By the time the original line-up of the Kentucky Colonels folded in late 1965, White had become a respected and well-known guitarist.[4] Abandoning bluegrass temporarily, he switched from his Martin D-28 acoustic guitar to an electric Fender Telecaster, with the intention of becoming a studio musician like his hero James Burton.[3] Transitioning to electric guitar required White to modify his right hand playing technique, switch from open chording to fretting the whole guitar neck with his left hand, and practice using the tone and volume controls.[3] However, he soon mastered the intricacies of electric guitar and began to undertake session work for artists including Ricky Nelson, The Monkees, and the Gosdin Brothers.[4][18]

As 1965 turned into 1966, White met Gene Parsons and Gib Guilbeau at a recording session for the Gosdin Brothers and shortly after, he began to perform live with the duo in local California clubs, as well as doing regular session work on their records, which were released under the moniker of Cajun Gib and Gene.[2][18] 1966 also saw White begin playing with a country group called Trio, which featured drummer Bart Haney and former Kentucky Colonel Roger Bush on bass.[18] In autumn of that year, as a result of his friendship with Gilbeau, Parsons and the Gosdin Brothers, White was asked to provide lead guitar to ex-Byrd Gene Clark's debut solo album, Gene Clark with the Gosdin Brothers.[2][20] White also briefly joined Clark's touring band shortly thereafter.[21]
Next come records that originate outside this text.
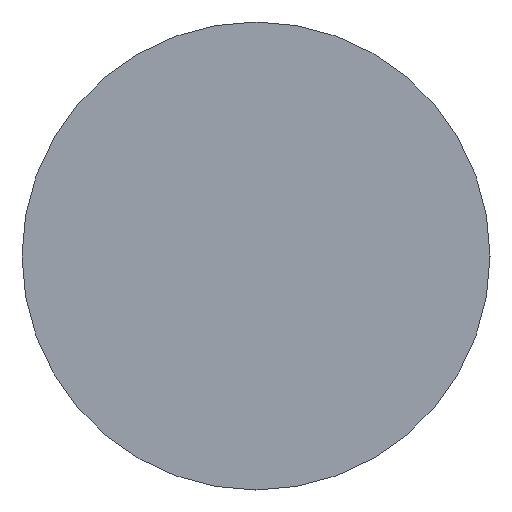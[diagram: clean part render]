
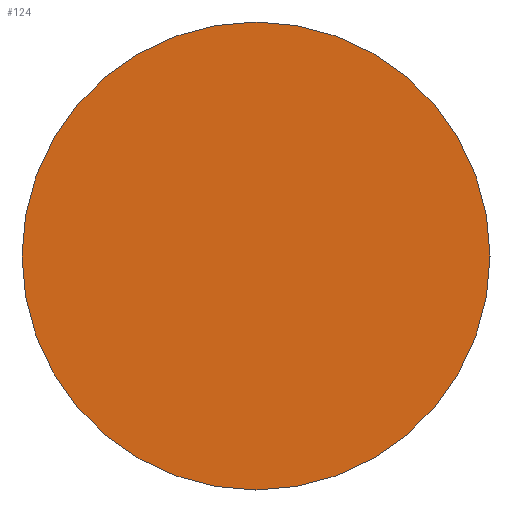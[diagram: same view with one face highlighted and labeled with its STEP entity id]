
A CAD part, left-side view. The second image highlights one B-rep face of the part: STEP entity #124.
In plain terms, the highlighted planar face has unit normal (-1, 0, 0).
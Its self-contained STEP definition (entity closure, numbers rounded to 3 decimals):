
#5 = AXIS2_PLACEMENT_3D ( 'NONE', #137, #469, #237 ) ;
#21 = DIRECTION ( 'NONE',  ( 0., 0., -1. ) ) ;
#124 = ADVANCED_FACE ( 'NONE', ( #194 ), #450, .F. ) ;
#125 = CARTESIAN_POINT ( 'NONE',  ( -84., 0., 0. ) ) ;
#137 = CARTESIAN_POINT ( 'NONE',  ( -84., 0., 0. ) ) ;
#174 = VERTEX_POINT ( 'NONE', #238 ) ;
#194 = FACE_OUTER_BOUND ( 'NONE', #383, .T. ) ;
#204 = ORIENTED_EDGE ( 'NONE', *, *, #448, .T. ) ;
#213 = DIRECTION ( 'NONE',  ( 0., 0., 1. ) ) ;
#223 = CIRCLE ( 'NONE', #301, 7. ) ;
#237 = DIRECTION ( 'NONE',  ( 0., 0., 1. ) ) ;
#238 = CARTESIAN_POINT ( 'NONE',  ( -84., 0., -7. ) ) ;
#250 = CARTESIAN_POINT ( 'NONE',  ( -84., 0., 7. ) ) ;
#277 = DIRECTION ( 'NONE',  ( -1., 0., 0. ) ) ;
#297 = AXIS2_PLACEMENT_3D ( 'NONE', #371, #373, #21 ) ;
#301 = AXIS2_PLACEMENT_3D ( 'NONE', #125, #277, #213 ) ;
#311 = VERTEX_POINT ( 'NONE', #250 ) ;
#312 = EDGE_CURVE ( 'NONE', #311, #174, #410, .T. ) ;
#371 = CARTESIAN_POINT ( 'NONE',  ( -84., 7., 0. ) ) ;
#373 = DIRECTION ( 'NONE',  ( 1., 0., 0. ) ) ;
#383 = EDGE_LOOP ( 'NONE', ( #394, #204 ) ) ;
#394 = ORIENTED_EDGE ( 'NONE', *, *, #312, .T. ) ;
#410 = CIRCLE ( 'NONE', #5, 7. ) ;
#448 = EDGE_CURVE ( 'NONE', #174, #311, #223, .T. ) ;
#450 = PLANE ( 'NONE',  #297 ) ;
#469 = DIRECTION ( 'NONE',  ( -1., 0., 0. ) ) ;

During the Clark album sessions, White reconnected with mandolin player and bassist Chris Hillman, who he had known during the early 1960s as a member of the bluegrass combo The Hillmen.[22] Hillman was currently a member of The Byrds and in December 1966, he invited White to contribute countrified lead guitar playing to his songs "Time Between" and "The Girl with no Name", which both appeared on The Byrds' Younger Than Yesterday album.[22] The country-oriented nature of the songs was something of a stylistic departure for the group and can be seen as an early indicator of the experimentation with country music that would color The Byrds' subsequent work.[23] White also contributed guitar to the band's follow-up album, The Notorious Byrd Brothers,[24] and to their seminal 1968 country rock release, Sweetheart of the Rodeo.[25]

Nashville West and the StringBender[edit]

Main article: Nashville West
An excerpt from a 1967 live recording of Nashville West performing their self-titled signature song. Written by Clarence White and Gene Parsons, the song "Nashville West" provides an example of White's electric guitar playing technique.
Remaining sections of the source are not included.